- Film Poster
- Directed by: Frédéric Garson
- Screenplay by: Jessica Kaplan
- Story by: Luc Besson
- Produced by: Luc Besson
- Starring: Mia Frye; Garland Whitt; Rodney Eastman; Josh Lucas; Féodor Atkine; Jarrod Bunch; Cut Killer;
- Cinematography: Thierry Arbogast
- Edited by: Sylvie Landra
- Music by: Pascal Lafa
- Production companies: EuropaCorp TF1 Films Production
- Distributed by: ARP Sélection
- Release date: 19 May 2000; (Cannes Film Festival)
- Running time: 89 minutes
- Country: France
- Language: English
- Budget: FRF 77,000,000 (Estimated)

= The Dancer (2000 film) =

The Dancer is a 2000 English-language French drama film starring Mia Frye. It was written by Jessica Kaplan and Luc Besson (who also produced the film) and directed by Frédéric Garson. The film was first shown at the Cannes Film Festival on 19 May 2000.

==Plot==

A young, mute dancer is a huge success at her neighborhood in Brooklyn.

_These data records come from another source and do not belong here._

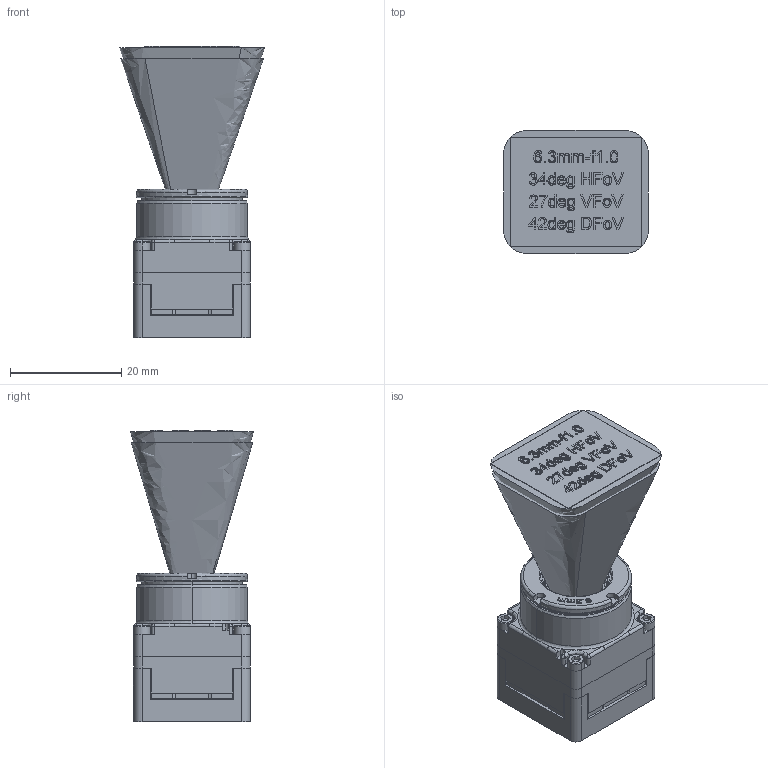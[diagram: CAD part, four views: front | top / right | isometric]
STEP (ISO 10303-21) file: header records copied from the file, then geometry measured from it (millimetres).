
FILE_DESCRIPTION (( 'STEP AP214' ), '1' );
FILE_NAME ('Boson 320, 6.3mm-f1.0, 34deg HFoV 9Hz.STEP', '2017-10-09T20:46:12', ( '' ), ( '' ), 'SwSTEP 2.0', 'SolidWorks 2017', '' );
FILE_SCHEMA (( 'AUTOMOTIVE_DESIGN' ));
Length unit declared in the file: millimetre
Products named in the file (9): Label, Boson Camera 9Hz; Optical Area 6.3mm-f1.0, Boson 320; Lens Assy, 6.3mm-f1.0; socket head cap screw_M-1.6 x 0.35x10mm L; Lens Holder, M18x0.5-Boson 320; PCBA Boson Main; Boson Frame, Main Board; Sensor Module, Boson 320; Boson 320, 6.3mm-f1.0, 34deg HFoV 9Hz
Assembly tree (11 placements, depth 2):
  Boson 320, 6.3mm-f1.0, 34deg HFoV 9Hz
    Sensor Module, Boson 320
    Boson Frame, Main Board
    PCBA Boson Main
    Lens Holder, M18x0.5-Boson 320
    socket head cap screw_M-1.6 x 0.35x10mm L  x4
    Lens Assy, 6.3mm-f1.0
    Optical Area 6.3mm-f1.0, Boson 320
    Label, Boson Camera 9Hz
Bounding box: 26.1 x 22.16 x 52.44 mm (x, y, z)
Volume: 17916.8 mm3; surface area: 13387.3 mm2
Topology: 15 solids, 15 shells, 3394 faces, 9259 edges, 6090 vertices
Faces by surface type: plane 2153, cylinder 652, bspline 456, cone 79, torus 50, sphere 4
Entity records: 162126 total; most frequent: CARTESIAN_POINT 42994, ORIENTED_EDGE 18144, DIRECTION 15342, EDGE_CURVE 9072, LINE 6660, VECTOR 6660, VERTEX_POINT 5991, AXIS2_PLACEMENT_3D 4341

She dreams to become a professional dancer and struggles to make the cut in an audition for a Broadway show.

==Cast==
- Mia Frye as India Rey
- Garland Whitt as Jasper Rey
- Rodney Eastman as Isaac
- Josh Lucas as Stephane
- Féodor Atkine as Oscar
- Jarrod Bunch as Bruno
- Cut Killer as DJ Atomic

==Reception==

Shannon J. Harvey from Urban Cinefile called it "an interesting indy project for Luc Besson" and wrote: "most audiences should love this short-lived melodrama, even if it leaves them wanting more." Richard Scheib from Moria.co gave it two and a half stars and criticized several aspects of film, including the ending and dance numbers.